Recurrent pregnancy loss is a condition of women who have lost two or more pregnancies for non-obvious reasons. Kobe University obstetrician Tanimura Kenji and his team have previously found that in 20% of these women, they can detect a specific antibody in their blood that targets their own bodies: anti-β2-glycoprotein I/HLA-DR autoantibodies.

Tanimura explains: “There is no known treatment for this particular condition, but the antibodies have a similar target to those that play a role in a different condition that has an established treatment.” Therefore, he wanted to test whether that treatment also works in the cases with the newly discovered antibody.

Tanimura enlisted the help of obstetricians across five hospitals in Japan and over the course of two years analysed the blood of consenting women suffering from recurrent pregnancy loss for the antibodies. If any of these women got pregnant during this time frame, their doctors would offer treatment options also containing those drugs that are effective against the chemically similar condition, specifically, low-dose aspirin or heparin. The research team then observed how many of the women who included these drugs in their treatment had full-term live births or pregnancy complications and compared that to the pregnancy outcomes in women who did not take either of the two drugs.

They report that women who received the treatment were much more likely to have live births (87% did) compared to the ones without treatment (of which only 50% had live births). In addition, amongst the live births, the treatment reduced the likelihood of complications from 50% to 6%. “The sample size was rather small (39 women received the treatment and 8 did not), but the results still clearly show that a treatment with low-dose aspirin or heparin is very effective in preventing pregnancy loss or complications also in women who have these newly discovered self-targeting antibodies,” summarises Tanimura.

Many women who tested positive for the newly discovered self-targeting antibodies also tested positive for the previously known ones.
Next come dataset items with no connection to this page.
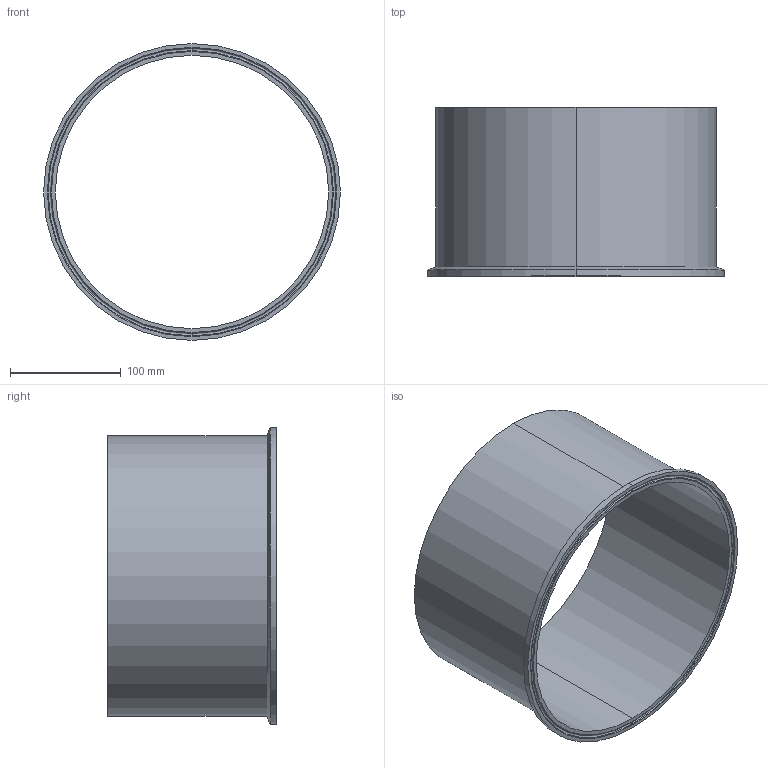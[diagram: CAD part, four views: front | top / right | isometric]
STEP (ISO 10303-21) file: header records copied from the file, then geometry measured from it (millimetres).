
FILE_DESCRIPTION (( 'STEP AP203' ), '1' );
FILE_NAME ('EG14WL10.0.STEP', '2018-05-03T13:00:48', ( 'vneprd' ), ( 'Microsoft' ), 'SwSTEP 2.0', 'SolidWorks 2014', '' );
FILE_SCHEMA (( 'CONFIG_CONTROL_DESIGN' ));
Length unit declared in the file: inch
Products named in the file (1): EG14WL10.0
Bounding box: 268.48 x 152.4 x 268.48 mm (x, y, z)
Volume: 447399.6 mm3; surface area: 256519.7 mm2
Topology: 1 solids, 1 shells, 17 faces, 34 edges, 20 vertices
Faces by surface type: cylinder 6, torus 6, plane 3, cone 2
Entity records: 533 total; most frequent: DIRECTION 96, CARTESIAN_POINT 72, ORIENTED_EDGE 68, AXIS2_PLACEMENT_3D 44, EDGE_CURVE 34, CIRCLE 26, EDGE_LOOP 20, VERTEX_POINT 20
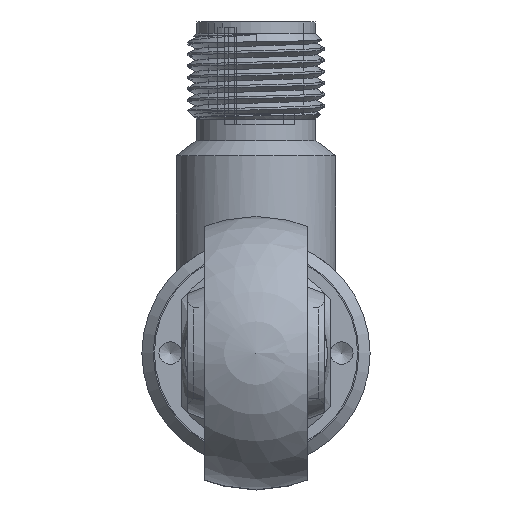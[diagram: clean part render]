
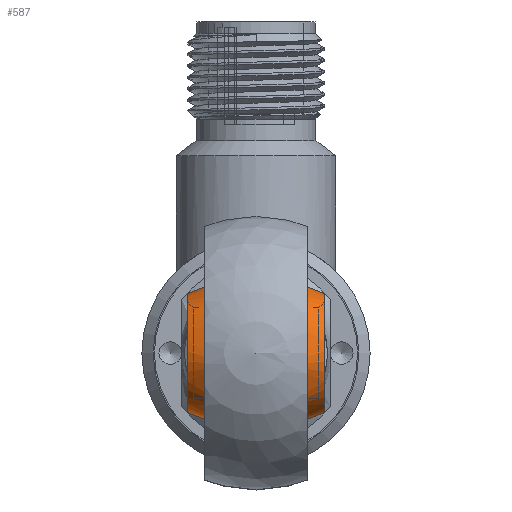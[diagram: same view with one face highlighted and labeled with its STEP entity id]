
A CAD part, left-side view. The second image highlights one B-rep face of the part: STEP entity #587.
In plain terms, the highlighted free-form (B-spline) face has degree [3, 3] with [4, 7] control points.
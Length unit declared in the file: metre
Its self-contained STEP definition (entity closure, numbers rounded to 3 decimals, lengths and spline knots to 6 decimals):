
#587 = ADVANCED_FACE( '', ( #806, #807 ), #808, .T. );
#806 = FACE_OUTER_BOUND( '', #3477, .T. );
#807 = FACE_OUTER_BOUND( '', #3478, .T. );
#808 = ( B_SPLINE_SURFACE( 3, 3, ( ( #3480, #3481, #3482, #3483, #3484, #3485, #3486 ), ( #3487, #3488, #3489, #3490, #3491, #3492, #3493 ), ( #3494, #3495, #3496, #3497, #3498, #3499, #3500 ), ( #3501, #3502, #3503, #3504, #3505, #3506, #3507 ) ), .UNSPECIFIED., .F., .T., .F. )B_SPLINE_SURFACE_WITH_KNOTS( ( 4, 4 ), ( 4, 3, 4 ), ( 0., 6.283185 ), ( -0.582914, 0., 0.582914 ), .UNSPECIFIED. )RATIONAL_B_SPLINE_SURFACE( ( ( 1., 0.333, 0.333, 1., 0.333, 0.333, 1. ), ( 0.89, 0.297, 0.297, 0.89, 0.297, 0.297, 0.89 ), ( 0.89, 0.297, 0.297, 0.89, 0.297, 0.297, 0.89 ), ( 1., 0.333, 0.333, 1., 0.333, 0.333, 1. ) ) )BOUNDED_SURFACE(  )REPRESENTATION_ITEM( '' )GEOMETRIC_REPRESENTATION_ITEM(  )SURFACE(  ) );
#3477 = EDGE_LOOP( '', ( #4135 ) );
#3478 = EDGE_LOOP( '', ( #4136 ) );
#3480 = CARTESIAN_POINT( '', ( -0.942857, 0.006, 0.00077 ) );
#3481 = CARTESIAN_POINT( '', ( -0.941318, 0.006, -0.009516 ) );
#3482 = CARTESIAN_POINT( '', ( -0.951603, 0.006, -0.011055 ) );
#3483 = CARTESIAN_POINT( '', ( -0.953143, 0.006, -0.00077 ) );
#3484 = CARTESIAN_POINT( '', ( -0.954682, 0.006, 0.009516 ) );
#3485 = CARTESIAN_POINT( '', ( -0.944397, 0.006, 0.011055 ) );
#3486 = CARTESIAN_POINT( '', ( -0.942857, 0.006, 0.00077 ) );
#3487 = CARTESIAN_POINT( '', ( -0.94041, 0.002247, 0.001136 ) );
#3488 = CARTESIAN_POINT( '', ( -0.938138, 0.002247, -0.014043 ) );
#3489 = CARTESIAN_POINT( '', ( -0.953318, 0.002247, -0.016315 ) );
#3490 = CARTESIAN_POINT( '', ( -0.95559, 0.002247, -0.001136 ) );
#3491 = CARTESIAN_POINT( '', ( -0.957862, 0.002247, 0.014043 ) );
#3492 = CARTESIAN_POINT( '', ( -0.942682, 0.002247, 0.016315 ) );
#3493 = CARTESIAN_POINT( '', ( -0.94041, 0.002247, 0.001136 ) );
#3494 = CARTESIAN_POINT( '', ( -0.94041, -0.002247, 0.001136 ) );
#3495 = CARTESIAN_POINT( '', ( -0.938138, -0.002247, -0.014043 ) );
#3496 = CARTESIAN_POINT( '', ( -0.953318, -0.002247, -0.016315 ) );
#3497 = CARTESIAN_POINT( '', ( -0.95559, -0.002247, -0.001136 ) );
#3498 = CARTESIAN_POINT( '', ( -0.957862, -0.002247, 0.014043 ) );
#3499 = CARTESIAN_POINT( '', ( -0.942682, -0.002247, 0.016315 ) );
#3500 = CARTESIAN_POINT( '', ( -0.94041, -0.002247, 0.001136 ) );
#3501 = CARTESIAN_POINT( '', ( -0.942857, -0.006, 0.00077 ) );
#3502 = CARTESIAN_POINT( '', ( -0.941318, -0.006, -0.009516 ) );
#3503 = CARTESIAN_POINT( '', ( -0.951603, -0.006, -0.011055 ) );
#3504 = CARTESIAN_POINT( '', ( -0.953143, -0.006, -0.00077 ) );
#3505 = CARTESIAN_POINT( '', ( -0.954682, -0.006, 0.009516 ) );
#3506 = CARTESIAN_POINT( '', ( -0.944397, -0.006, 0.011055 ) );
#3507 = CARTESIAN_POINT( '', ( -0.942857, -0.006, 0.00077 ) );
#4135 = ORIENTED_EDGE( '', *, *, #4512, .F. );
#4136 = ORIENTED_EDGE( '', *, *, #4513, .T. );
#4512 = EDGE_CURVE( '', #5170, #5170, #5171, .T. );
#4513 = EDGE_CURVE( '', #5172, #5172, #5173, .T. );
#5170 = VERTEX_POINT( '', #11203 );
#5171 = CIRCLE( '', #11204, 0.0052 );
#5172 = VERTEX_POINT( '', #11205 );
#5173 = CIRCLE( '', #11206, 0.0052 );
#11203 = CARTESIAN_POINT( '', ( -0.942857, 0.006, 0.00077 ) );
#11204 = AXIS2_PLACEMENT_3D( '', #11722, #11723, #11724 );
#11205 = CARTESIAN_POINT( '', ( -0.942857, -0.006, 0.00077 ) );
#11206 = AXIS2_PLACEMENT_3D( '', #11725, #11726, #11727 );
#11722 = CARTESIAN_POINT( '', ( -0.948, 0.006, 0. ) );
#11723 = DIRECTION( '', ( 0., 1., 0. ) );
#11724 = DIRECTION( '', ( 0.989, 0., 0.148 ) );
#11725 = CARTESIAN_POINT( '', ( -0.948, -0.006, 0. ) );
#11726 = DIRECTION( '', ( 0., 1., 0. ) );
#11727 = DIRECTION( '', ( 0.989, 0., 0.148 ) );

However, the Kobe University-led team found that women who only had the newly discovered antibodies and who received the treatment were even more likely to have a live birth (93%) and, amongst these, none had pregnancy complications.

Looking ahead, Tanimura says: “The newly discovered self-targeting antibody has been demonstrated to be involved also in infertility and recurrent implantation failure, as well as a risk factor for arterial thrombosis in women with systemic rheumatic diseases. I therefore expect that studies about the effectivity of the treatment against a broader range of conditions might produce encouraging results.”